During the Scottish independence referendum, I was first exposed to the Catalan cause for independence when I saw estelladas flying alongside the Scottish saltires in George Square, Glasgow. Some were flown by Catalans who called Scotland their home and others by those who had made the trip to Scotland in the final days of the campaign to stand in solidarity with us in our shared endeavour. Just two months later, two friends and I travelled to Barcelona to provide the same solidarity in Catalunya’s November 2014 independence poll. From the day I landed, I fell in love with Catalunya — its culture, its politics, its cities and countrysides, but most of all, its people.
For the past two years, I served as the SNP Youth’s vice-convener and, over that time, one of my guiding aims has been to forge links with Catalunya and other like-minded, left-wing independence movements across Europe. The youth wing of your party, JERC, has offered us camaraderie and kindness, inviting us to the Catalan countries on a number of delegations. We had the opportunity to invite many JERC members to Glasgow in January this year and I have only recently returned home from Menorca where JERC hosted a workshop on environmentalism. I have also had the privilege of meeting you personally at Acampada Jove in 2016.
These delegations bring together people from across Europe from different parties, different cultures, and different identities, but all with the common purpose of the people’s emancipation from global capitalism and for self-determination. After every delegation, I always feel more determined and committed in continuing the fight for these beliefs. It is often the case with independence movements that we are portrayed as being isolated and it can often feel like it, not because of our ideology, but because global and national actors seek to divide us, make us seem irrelevant and to fabricate a narrative where we are the petty agitators rather than upholders of our peoples’ sovereignty.
But our movement is not that of isolation – it is one that is profoundly international and of the masses. From Scotland during the 1936 Spanish Civil War, a number of people — mostly socialists, communists and anarchists — travelled to fight the fascism which is rearing its head again today. Many came from the coal towns of Lanarkshire where I am from, as well as from Glasgow’s industrial east end where I currently live. They travelled to stand in solidarity. As fascism and populism rises across the Western world, it is more important now than ever that our solidarity and beliefs are reinforced. After all it is fascism that is the truly isolationist and narrow ideology that seeks to divide and condemn in equal measure.
After personally organising a delegation, I was among the large number of people who travelled to Barcelona days before the Catalan referendum this year to join the people who stood up to authoritarianism and championed their right to self-determination, in defending polling stations.
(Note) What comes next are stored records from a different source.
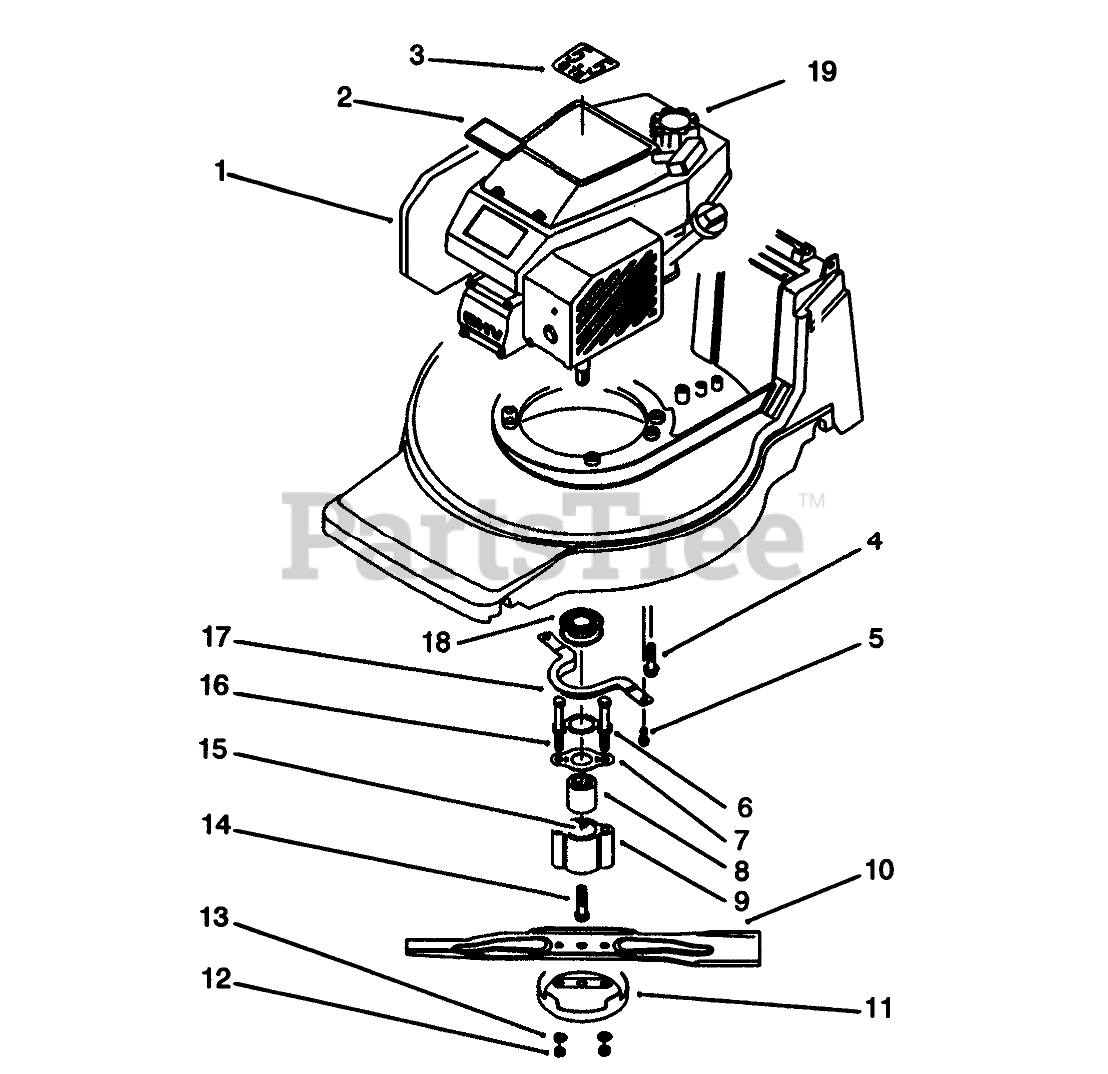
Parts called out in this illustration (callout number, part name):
1	ENG ASM-GTS150 KEY/NC
2	TORO LOGO PLATE
3	DECAL - ENGINE
4	SCREW-HWHTF
5	SCREW-HWH
6	BLADE RETAINER BRKT
7	SPRING FRICTION
9	RETAINER
10	Blade-48cm
11	CUP-SCALP, ANTI
12	NUT-LOCK
13	WASHER
14	SCREW - CRANKSHAFT
15	WASHER-LOCK
16	SCREW - BLADE
17	Guide-Belt
18	PULLEY-DRIVE, ZONE START
19	GAS CAP ASM
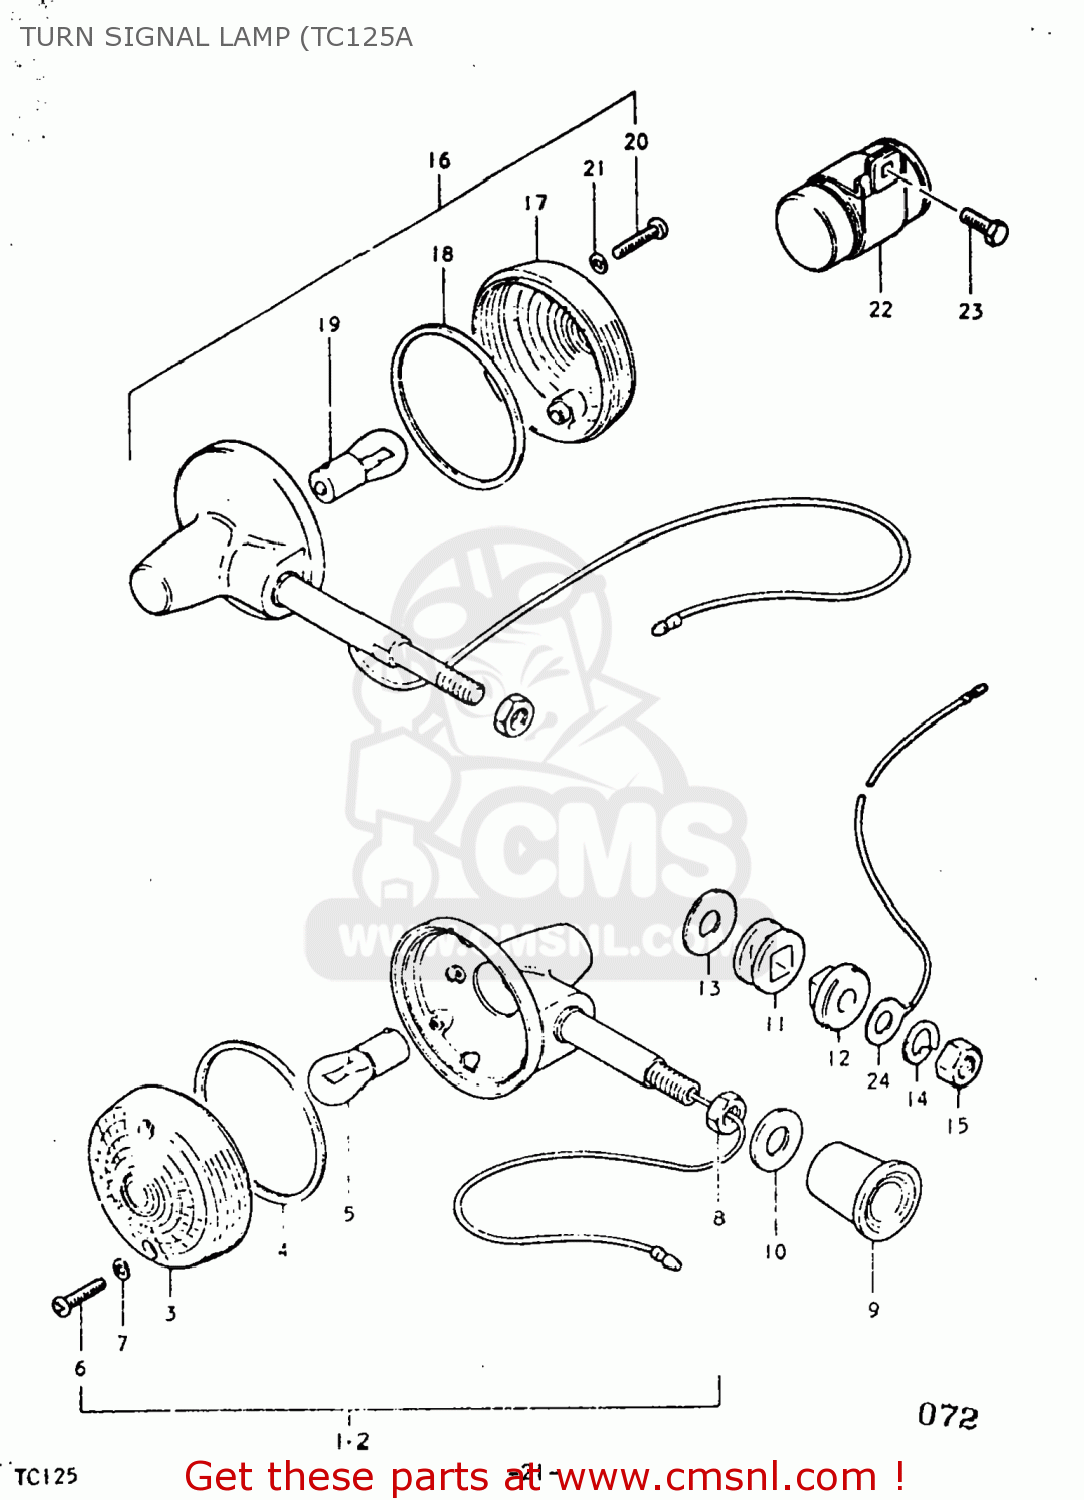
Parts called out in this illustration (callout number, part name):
1	LAMP ASSEMBLY,FRONT TURN SIGNAL
2	LAMP ASSEMBLY,FRONT TURN SIGNAL
3	LENS
4	LENS
5	BULB(6V17W,STANLEY,A4513A)
6	SCREW
7	GASKET (NAS)
8	NUT
9	COVER,FRONT TURN SIGNAL BRACKET
10	WASHER
11	CUSHION
12	SPACER,RR TURNSIGNAL LAMP
13	WASHER (10.5X30X2.3)
14	LOCK WASHER
15	NUT
16	LAMP ASSEMBLY,REAR TURN SIGNAL
17	LENS
18	GASKET (NAS)
19	BULB(6V17W,STANLEY,A4513A)
20	SCREW
21	GASKET (NAS)
22	RELAY,TURN SIGNAL
23	BOLT
24	LEAD WIRE,EARTH

We were honoured to defend our friend’s vote – Oriol Roig Vilaseca, a member of JERC living in Glasgow – which was counted with the millions of others who turned out.
We were well aware of the potential for state violence and that we could face the jackboots and batons of the Guardia Civil, but we knew that we had to be principled and that what was at stake was too important for us not to stand with the people of Catalunya. During this, we were joined by delegations from other countries and parties – a truly international show of solidarity demonstrating that no matter how isolating officials in Madrid and Brussels may be, Catalunya has comrades prepared to stand with her from across Europe.
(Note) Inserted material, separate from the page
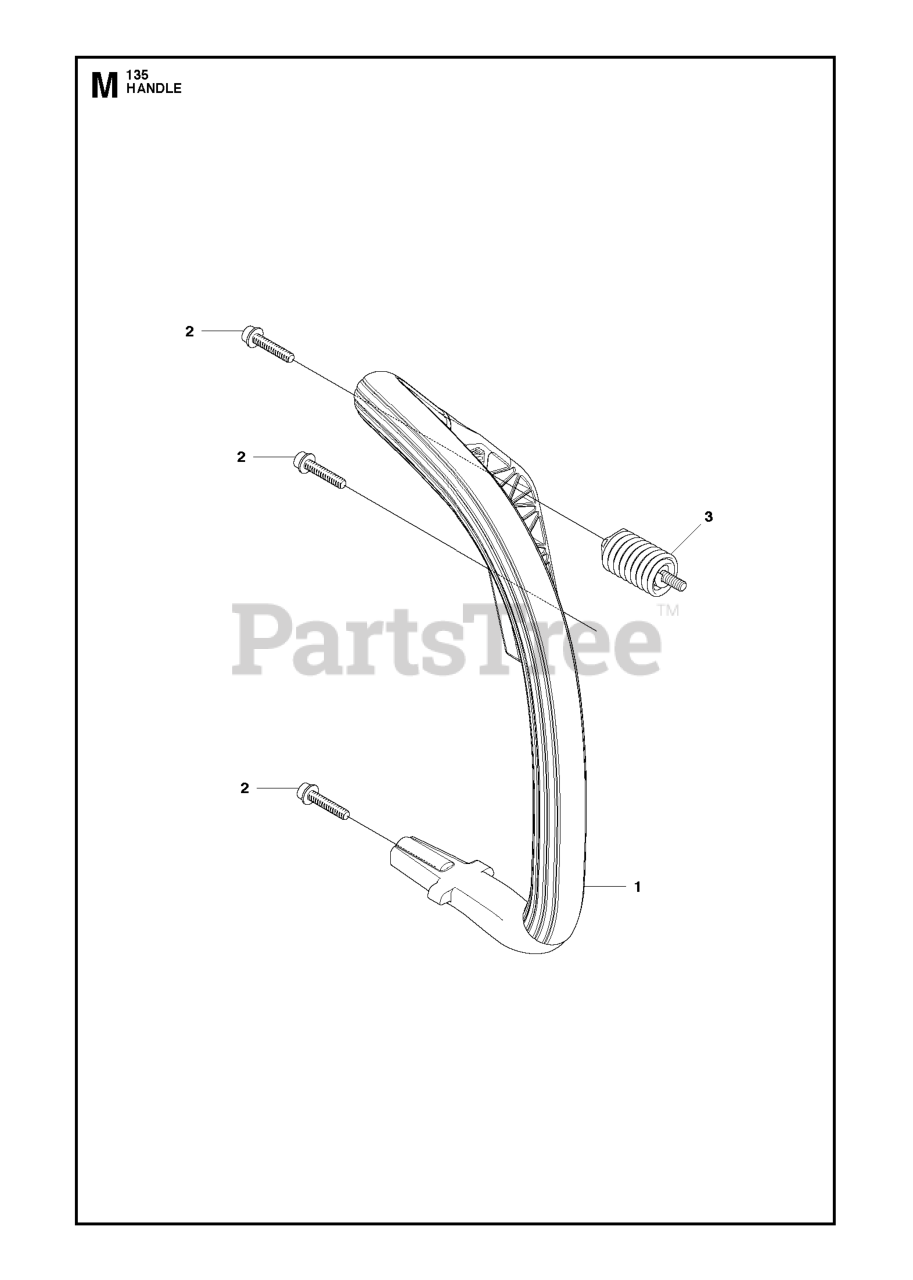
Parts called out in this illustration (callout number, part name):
1	FRONT HANDLE
2	SCREW
3	INSULATOR

I was impressed by the restraint and dignity with which the Catalan people acted on that day. The Catalan Government too acted with the sovereignty its people expected, declaring the nation’s independence despite the challenges it posed. During my many trips to Catalunya, I have been thanked by people and told Scotland has been leading the way. Catalunya is now that beacon of hope for self-determination across the world. I hope that what happened in Catalunya never happens in Scotland but that, if it does, we will act with the same resilience and resolve demonstrated by the Catalan people.
While things may feel hopeless in the present situation, Scotland’s and Catalunya’s struggle for independence is only the start of a new chapter in world history that will be written through the solidarity of people across the world.
This is not our end, only our beginning.